Please retype, character for character, the portion of the entries below that runs from the line containing "if shapes is" to the last line.

── Data section

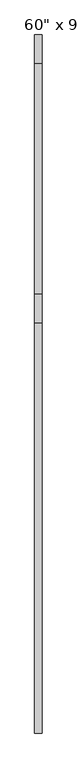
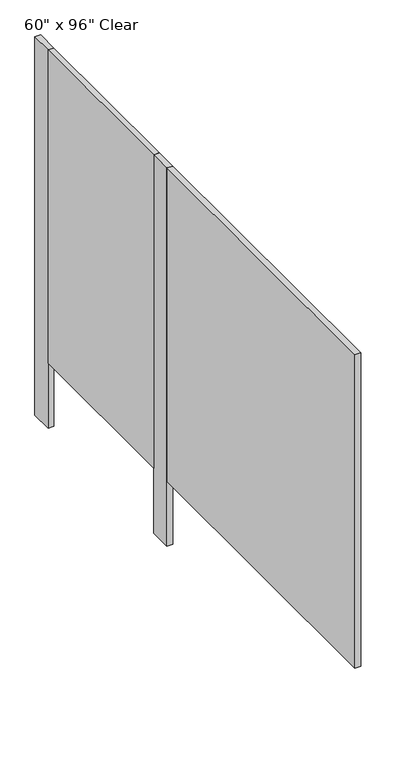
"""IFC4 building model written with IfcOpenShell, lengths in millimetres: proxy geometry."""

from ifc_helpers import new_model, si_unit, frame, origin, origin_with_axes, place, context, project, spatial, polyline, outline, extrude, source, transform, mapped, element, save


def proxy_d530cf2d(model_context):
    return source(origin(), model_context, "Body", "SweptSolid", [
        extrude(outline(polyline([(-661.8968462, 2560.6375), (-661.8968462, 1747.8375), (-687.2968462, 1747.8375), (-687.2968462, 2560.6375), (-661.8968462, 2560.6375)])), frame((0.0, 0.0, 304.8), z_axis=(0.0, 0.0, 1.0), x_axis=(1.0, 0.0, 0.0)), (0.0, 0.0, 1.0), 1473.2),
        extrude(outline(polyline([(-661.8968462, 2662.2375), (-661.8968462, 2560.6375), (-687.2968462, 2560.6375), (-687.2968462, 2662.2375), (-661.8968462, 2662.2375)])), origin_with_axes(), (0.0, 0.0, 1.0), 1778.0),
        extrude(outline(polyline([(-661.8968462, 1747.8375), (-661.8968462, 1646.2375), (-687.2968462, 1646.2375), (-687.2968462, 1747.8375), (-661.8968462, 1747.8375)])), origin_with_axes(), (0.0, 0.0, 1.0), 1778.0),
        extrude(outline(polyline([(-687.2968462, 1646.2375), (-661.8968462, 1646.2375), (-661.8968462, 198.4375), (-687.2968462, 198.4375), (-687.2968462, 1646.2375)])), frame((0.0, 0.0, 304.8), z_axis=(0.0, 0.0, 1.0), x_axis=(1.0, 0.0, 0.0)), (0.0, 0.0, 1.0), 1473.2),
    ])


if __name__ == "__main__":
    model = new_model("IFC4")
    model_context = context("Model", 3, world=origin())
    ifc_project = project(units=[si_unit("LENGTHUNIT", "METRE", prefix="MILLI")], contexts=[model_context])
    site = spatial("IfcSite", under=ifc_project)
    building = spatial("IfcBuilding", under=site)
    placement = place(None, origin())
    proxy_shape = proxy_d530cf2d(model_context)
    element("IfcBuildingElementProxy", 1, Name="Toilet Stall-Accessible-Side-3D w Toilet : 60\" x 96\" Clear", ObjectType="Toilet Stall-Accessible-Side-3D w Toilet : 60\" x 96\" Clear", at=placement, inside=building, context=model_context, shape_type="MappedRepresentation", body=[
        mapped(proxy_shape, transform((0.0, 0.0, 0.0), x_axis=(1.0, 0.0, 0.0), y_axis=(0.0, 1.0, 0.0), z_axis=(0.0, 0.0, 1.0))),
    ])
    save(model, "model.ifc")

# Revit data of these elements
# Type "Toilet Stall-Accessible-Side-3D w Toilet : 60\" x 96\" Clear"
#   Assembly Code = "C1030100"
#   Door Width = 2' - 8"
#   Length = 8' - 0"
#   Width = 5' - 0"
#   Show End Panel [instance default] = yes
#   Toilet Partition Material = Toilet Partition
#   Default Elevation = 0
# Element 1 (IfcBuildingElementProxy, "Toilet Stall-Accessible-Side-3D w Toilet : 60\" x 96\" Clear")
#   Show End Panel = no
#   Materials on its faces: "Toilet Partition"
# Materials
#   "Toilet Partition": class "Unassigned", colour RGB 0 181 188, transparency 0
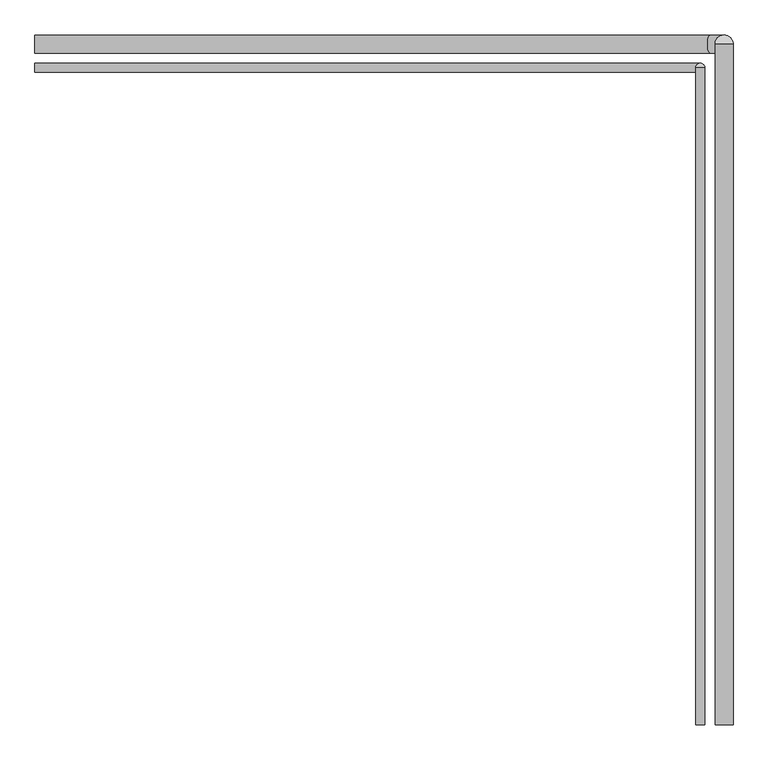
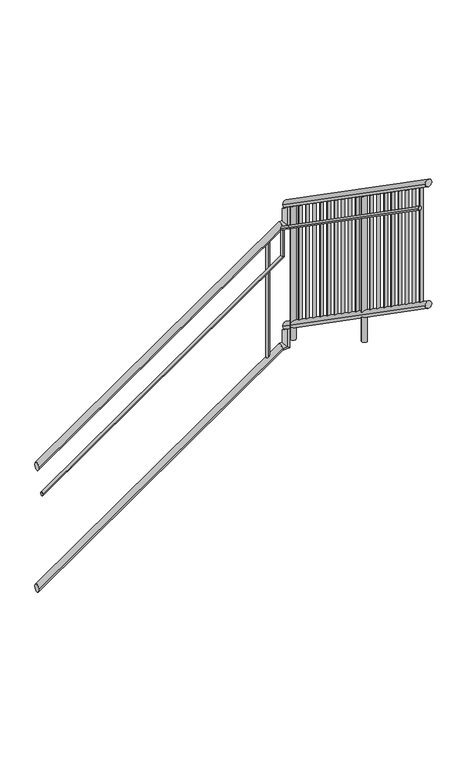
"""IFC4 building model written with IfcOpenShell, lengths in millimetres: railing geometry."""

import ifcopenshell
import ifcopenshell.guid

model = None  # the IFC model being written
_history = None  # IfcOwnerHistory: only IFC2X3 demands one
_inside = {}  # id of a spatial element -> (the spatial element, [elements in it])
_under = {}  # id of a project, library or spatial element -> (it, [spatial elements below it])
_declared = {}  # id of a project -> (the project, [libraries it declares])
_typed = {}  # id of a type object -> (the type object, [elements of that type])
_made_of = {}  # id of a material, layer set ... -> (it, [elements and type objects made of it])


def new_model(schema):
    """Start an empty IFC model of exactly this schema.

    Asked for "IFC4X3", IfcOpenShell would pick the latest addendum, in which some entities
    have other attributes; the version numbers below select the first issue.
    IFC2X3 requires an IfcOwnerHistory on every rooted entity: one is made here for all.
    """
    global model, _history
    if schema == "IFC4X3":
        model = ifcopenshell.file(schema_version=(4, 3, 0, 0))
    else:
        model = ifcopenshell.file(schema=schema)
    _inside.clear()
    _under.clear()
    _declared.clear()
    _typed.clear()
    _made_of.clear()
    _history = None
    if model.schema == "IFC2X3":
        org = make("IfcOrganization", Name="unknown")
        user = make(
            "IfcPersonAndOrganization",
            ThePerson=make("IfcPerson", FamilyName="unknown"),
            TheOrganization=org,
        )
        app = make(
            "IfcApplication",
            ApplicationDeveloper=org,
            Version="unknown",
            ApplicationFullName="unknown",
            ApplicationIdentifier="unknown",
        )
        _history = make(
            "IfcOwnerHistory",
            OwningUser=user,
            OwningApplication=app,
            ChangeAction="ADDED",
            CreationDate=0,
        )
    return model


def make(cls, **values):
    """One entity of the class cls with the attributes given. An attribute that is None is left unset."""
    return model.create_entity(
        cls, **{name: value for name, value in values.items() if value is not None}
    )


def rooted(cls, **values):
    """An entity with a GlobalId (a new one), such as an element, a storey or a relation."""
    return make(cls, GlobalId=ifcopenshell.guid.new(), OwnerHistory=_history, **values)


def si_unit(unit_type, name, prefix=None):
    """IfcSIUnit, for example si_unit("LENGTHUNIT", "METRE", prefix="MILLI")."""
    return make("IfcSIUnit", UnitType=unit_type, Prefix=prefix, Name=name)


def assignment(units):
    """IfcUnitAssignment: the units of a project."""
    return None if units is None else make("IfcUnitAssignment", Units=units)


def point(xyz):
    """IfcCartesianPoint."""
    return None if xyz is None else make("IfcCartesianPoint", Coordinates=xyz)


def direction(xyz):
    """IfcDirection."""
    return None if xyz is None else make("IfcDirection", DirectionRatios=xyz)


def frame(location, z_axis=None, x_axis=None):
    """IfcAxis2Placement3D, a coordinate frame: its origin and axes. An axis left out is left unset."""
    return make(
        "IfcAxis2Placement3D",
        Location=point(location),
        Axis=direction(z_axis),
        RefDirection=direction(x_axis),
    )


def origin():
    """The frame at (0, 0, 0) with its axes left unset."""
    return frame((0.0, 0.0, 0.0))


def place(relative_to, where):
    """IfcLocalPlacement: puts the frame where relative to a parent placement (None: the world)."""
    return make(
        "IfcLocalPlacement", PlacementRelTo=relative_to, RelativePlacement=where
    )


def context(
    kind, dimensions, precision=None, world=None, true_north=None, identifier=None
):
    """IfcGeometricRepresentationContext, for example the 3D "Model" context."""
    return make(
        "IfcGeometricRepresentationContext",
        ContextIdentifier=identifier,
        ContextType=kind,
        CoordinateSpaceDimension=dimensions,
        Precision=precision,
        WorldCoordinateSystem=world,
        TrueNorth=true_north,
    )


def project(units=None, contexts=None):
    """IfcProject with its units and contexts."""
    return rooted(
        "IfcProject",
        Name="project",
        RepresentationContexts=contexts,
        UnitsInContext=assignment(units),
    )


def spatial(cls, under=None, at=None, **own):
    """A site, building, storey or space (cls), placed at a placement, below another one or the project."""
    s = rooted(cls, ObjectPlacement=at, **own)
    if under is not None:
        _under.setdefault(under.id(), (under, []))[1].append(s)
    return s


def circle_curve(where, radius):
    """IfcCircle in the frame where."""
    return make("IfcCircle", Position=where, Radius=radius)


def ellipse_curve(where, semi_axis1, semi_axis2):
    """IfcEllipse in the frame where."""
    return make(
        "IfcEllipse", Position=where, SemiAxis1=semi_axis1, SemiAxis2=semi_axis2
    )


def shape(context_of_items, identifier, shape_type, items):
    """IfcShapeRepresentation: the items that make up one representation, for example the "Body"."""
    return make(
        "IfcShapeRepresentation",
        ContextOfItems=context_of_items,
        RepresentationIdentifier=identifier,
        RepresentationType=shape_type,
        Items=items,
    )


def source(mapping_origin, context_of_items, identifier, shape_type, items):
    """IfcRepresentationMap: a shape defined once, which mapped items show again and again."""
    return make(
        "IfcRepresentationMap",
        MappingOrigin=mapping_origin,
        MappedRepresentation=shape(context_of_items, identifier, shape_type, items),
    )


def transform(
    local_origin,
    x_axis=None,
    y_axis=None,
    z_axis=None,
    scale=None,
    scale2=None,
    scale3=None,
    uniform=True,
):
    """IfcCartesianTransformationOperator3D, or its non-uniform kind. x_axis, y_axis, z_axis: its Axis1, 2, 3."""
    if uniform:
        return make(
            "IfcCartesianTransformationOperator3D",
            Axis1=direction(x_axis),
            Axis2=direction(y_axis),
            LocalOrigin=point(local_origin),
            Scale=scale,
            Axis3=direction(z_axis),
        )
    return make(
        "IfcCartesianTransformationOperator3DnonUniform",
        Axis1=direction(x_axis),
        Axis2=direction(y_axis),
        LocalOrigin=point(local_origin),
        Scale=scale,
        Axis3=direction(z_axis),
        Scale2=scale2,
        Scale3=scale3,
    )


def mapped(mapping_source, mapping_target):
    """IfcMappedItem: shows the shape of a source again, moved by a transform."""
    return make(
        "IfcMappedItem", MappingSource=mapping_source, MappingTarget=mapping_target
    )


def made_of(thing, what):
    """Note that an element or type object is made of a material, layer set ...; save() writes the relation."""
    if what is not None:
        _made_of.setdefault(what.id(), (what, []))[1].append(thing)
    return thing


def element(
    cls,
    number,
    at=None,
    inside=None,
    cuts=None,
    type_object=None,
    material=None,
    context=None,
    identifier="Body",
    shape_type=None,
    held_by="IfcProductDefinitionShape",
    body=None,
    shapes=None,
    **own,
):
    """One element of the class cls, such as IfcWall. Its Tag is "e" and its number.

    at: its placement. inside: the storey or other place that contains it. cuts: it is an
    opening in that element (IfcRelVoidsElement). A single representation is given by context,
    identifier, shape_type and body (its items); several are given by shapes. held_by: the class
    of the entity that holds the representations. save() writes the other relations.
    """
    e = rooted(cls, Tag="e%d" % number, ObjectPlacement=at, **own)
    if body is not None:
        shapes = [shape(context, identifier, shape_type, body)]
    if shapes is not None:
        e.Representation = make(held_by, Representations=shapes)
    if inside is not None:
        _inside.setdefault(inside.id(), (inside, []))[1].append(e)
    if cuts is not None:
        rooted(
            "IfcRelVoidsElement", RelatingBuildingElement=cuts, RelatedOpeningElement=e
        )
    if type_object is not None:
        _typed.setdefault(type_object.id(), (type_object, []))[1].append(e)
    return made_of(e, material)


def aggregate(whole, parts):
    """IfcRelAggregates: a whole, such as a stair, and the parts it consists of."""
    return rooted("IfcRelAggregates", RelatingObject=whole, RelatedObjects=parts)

────

*Result for this exercise*:
    if shapes is not None:
        e.Representation = make(held_by, Representations=shapes)
    if inside is not None:
        _inside.setdefault(inside.id(), (inside, []))[1].append(e)
    if cuts is not None:
        rooted(
            "IfcRelVoidsElement", RelatingBuildingElement=cuts, RelatedOpeningElement=e
        )
    if type_object is not None:
        _typed.setdefault(type_object.id(), (type_object, []))[1].append(e)
    return made_of(e, material)


def aggregate(whole, parts):
    """IfcRelAggregates: a whole, such as a stair, and the parts it consists of."""
    return rooted("IfcRelAggregates", RelatingObject=whole, RelatedObjects=parts)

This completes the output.